Frog exhibit highlights declining population

Clyde Peeling's Reptileland, Allanwood, Penn.

Clyde Peeling’s Reptileland, Allanwood, Penn.

Blue Dart Poison frogs.

The Canadian Museum of Nature’s new frog exhibit stars exotic species from all over the world, but the ecological threats the show highlights are also being faced by Ottawa-area frogs at a time when conservationists are concerned about amphibian populations around the world.

The exhibit entitled “Frogs: A Chorus of Colours” began on Sept. 25 and will bring together more than 80 live frogs of 18 different species from around the world in an interactive display.

Museum spokesman Dan Smythe says the event not only celebrates the diversity of the species but helps people develop “a better appreciation for frogs’ niche in the ecosystem – and that’s important, as well.”

Visitors will see the African bullfrog, Jabba, which weighs about a kilogram, and Chinese flying frogs that use their webbed feet to glide away from predators sitting in rock-filled recreations of their natural habitats.

The walls of the exhibit are plastered with large colourful photos of extended green legs in mid-jump and bright red eyes. But not all the images are so pleasant; an adjacent wall has pictures of a mutated frog sprouting extra legs and another belly-up with pimply red skin.

Across the world, frogs and other amphibians are facing a massive population decline. A variety of factors are to blame, such as habitat loss, pesticide use and a newly emerging global disease known as chytrid fungus. The results of the infection can be devastating; in some areas of Panama, up to 90 per cent of amphibians were wiped out by it. Sadly, these exotic specimens are not the only ones at risk.

Eastern Ontario was once a centre of biodiversity, “a solid mass of mud before European settlement,” says Fred Schueler, an expert in amphibians and a research associate at the museum. But urban development, he says, has changed that. In some cases other factors involved. The widespread use of atrazine as a pesticide for corn has led to diminishing populations of Ottawa-area leopard frogs, says Schueler. The chemical has destroyed the reproductive cycle of the species – in some cases, by turning male frogs into females.

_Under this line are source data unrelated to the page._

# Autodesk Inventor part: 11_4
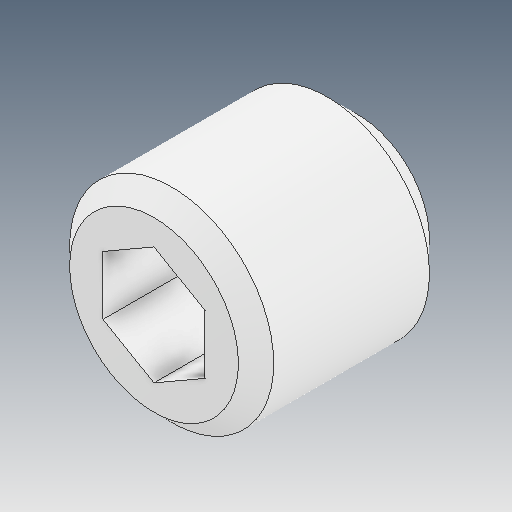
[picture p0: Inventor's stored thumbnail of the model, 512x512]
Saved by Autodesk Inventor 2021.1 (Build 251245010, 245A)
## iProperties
Created: 2021-06
Part Number: 11_4
Material: Ogólny
Document SubType Name: Modeling
Designer: user
Density: 1 g/cm^3
Appearance: Domyślna
Author: user
Revision Number: ÈÎºÎ
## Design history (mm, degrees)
feature "ÊäÈë1"
node "Bryła1"
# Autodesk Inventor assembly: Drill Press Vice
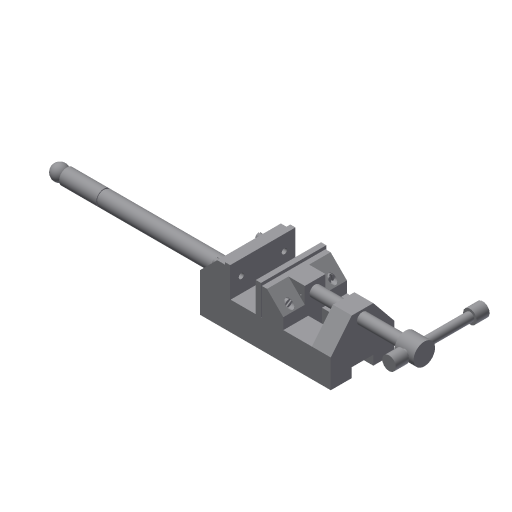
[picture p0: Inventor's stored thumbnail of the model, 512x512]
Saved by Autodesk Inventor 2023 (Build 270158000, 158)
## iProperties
Created: 2009-05
Part Number: Drill Press Vice
Document SubType Name: Assembly
Designer: Sham
Author: Sham
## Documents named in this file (9)
- D:\PROJECTS\Project 2022\Autodesk Inventor For Professional 2023\RESOURCES INVENTOR 2023\RESOURCES INVENTOR 2023\Inventor_2023_tut\Inventor_2023_tut\c12_Inv_2023_tut\c12_Inv_tut_2023\c12_tut03_inv\Drill Press Vice.iam
- D:\PROJECTS\Project 2022\Autodesk Inventor For Professional 2023\RESOURCES INVENTOR 2023\RESOURCES INVENTOR 2023\Inventor_2023_tut\Inventor_2023_tut\c12_Inv_2023_tut\c12_Inv_tut_2023\c12_tut03_inv\Base.ipt
- D:\PROJECTS\Project 2022\Autodesk Inventor For Professional 2023\RESOURCES INVENTOR 2023\RESOURCES INVENTOR 2023\Inventor_2023_tut\Inventor_2023_tut\c12_Inv_2023_tut\c12_Inv_tut_2023\c12_tut03_inv\Safety Handle.ipt
- D:\PROJECTS\Project 2022\Autodesk Inventor For Professional 2023\RESOURCES INVENTOR 2023\RESOURCES INVENTOR 2023\Inventor_2023_tut\Inventor_2023_tut\c12_Inv_2023_tut\c12_Inv_tut_2023\c12_tut03_inv\Jaw Face.ipt
- D:\PROJECTS\Project 2022\Autodesk Inventor For Professional 2023\RESOURCES INVENTOR 2023\RESOURCES INVENTOR 2023\Inventor_2023_tut\Inventor_2023_tut\c12_Inv_2023_tut\c12_Inv_tut_2023\c12_tut03_inv\Movable Jaw.ipt
- D:\PROJECTS\Project 2022\Autodesk Inventor For Professional 2023\RESOURCES INVENTOR 2023\RESOURCES INVENTOR 2023\Inventor_2023_tut\Inventor_2023_tut\c12_Inv_2023_tut\c12_Inv_tut_2023\c12_tut03_inv\Cap Screw.ipt
- D:\PROJECTS\Project 2022\Autodesk Inventor For Professional 2023\RESOURCES INVENTOR 2023\RESOURCES INVENTOR 2023\Inventor_2023_tut\Inventor_2023_tut\c12_Inv_2023_tut\c12_Inv_tut_2023\c12_tut03_inv\Clamp Screw Handle.ipt
- D:\PROJECTS\Project 2022\Autodesk Inventor For Professional 2023\RESOURCES INVENTOR 2023\RESOURCES INVENTOR 2023\Inventor_2023_tut\Inventor_2023_tut\c12_Inv_2023_tut\c12_Inv_tut_2023\c12_tut03_inv\Clamp Screw.ipt
- D:\PROJECTS\Project 2022\Autodesk Inventor For Professional 2023\RESOURCES INVENTOR 2023\RESOURCES INVENTOR 2023\Inventor_2023_tut\Inventor_2023_tut\c12_Inv_2023_tut\c12_Inv_tut_2023\c12_tut03_inv\Handle Stop.ipt
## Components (13 placed, 8 different names)
1. Base:1 — Mate:2, Mate:3, Mate:7, Insert:10, Insert:11, Insert:12, Insert:13
2. Safety Handle:1
3. Jaw Face:1 — Insert:8, Insert:9, Mate:7
4. Jaw Face:2 — Insert:10, Insert:11
5. Movable Jaw:1 — Mate:2, Mate:3, Insert:2, Insert:3, Insert:4, Insert:8, Insert:9
6. Cap Screw:1 — Insert:2
7. Cap Screw:2 — Insert:3
8. Cap Screw:3 — Insert:13
9. Cap Screw:4 — Insert:12
10. Clamp Screw:1 — Insert:4, Mate:6, Rotation/Translation:2
11. Clamp Screw Handle:1 — Mate:6, Insert:5, Insert:6, Rotation/Translation:2
12. Handle Stop:1 — Insert:6, Mate:8
13. Handle Stop:2 — Insert:5
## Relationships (17: Insert 11, Mate 5, RelateRotateTranslate 1)
- Mate:2: Base:1 ↔ Movable Jaw:1
- Mate:3: Base:1 ↔ Movable Jaw:1
- Insert:2: Movable Jaw:1 ↔ Cap Screw:1
- Insert:3: Movable Jaw:1 ↔ Cap Screw:2
- Insert:4: Movable Jaw:1 ↔ Clamp Screw:1
- Mate:6: Clamp Screw:1 ↔ Clamp Screw Handle:1
- Insert:5: Clamp Screw Handle:1 ↔ Handle Stop:2
- Insert:6: Clamp Screw Handle:1 ↔ Handle Stop:1
- Insert:8: Jaw Face:1 ↔ Movable Jaw:1
- Insert:9: Jaw Face:1 ↔ Movable Jaw:1
- Mate:7: Base:1 ↔ Jaw Face:1
- Rotation/Translation:2 [RelateRotateTranslate]: Clamp Screw:1 ↔ Clamp Screw Handle:1
- Mate:8: Handle Stop:1
- Insert:10: Base:1 ↔ Jaw Face:2
- Insert:11: Base:1 ↔ Jaw Face:2
- Insert:12: Base:1 ↔ Cap Screw:4
- Insert:13: Base:1 ↔ Cap Screw:3

However, not all disappearances are so easily explained. Schueler says he would have liked to have seen the exhibit spend more time highlighting a local species that is facing a mysterious decline: the Western chorus frog.

The tiny animal is often heard throughout the Ottawa area filling the spring air with its mating calls. But over the last couple of decades – and in some cases, without direct interference from humans – something changed.

“West of Ottawa, they’re still there. But east of Ottawa, they’ve almost disappeared,” he says. Pinpointing a cause is not easy, “I’ve spent the last 20 years trying to figure this out.”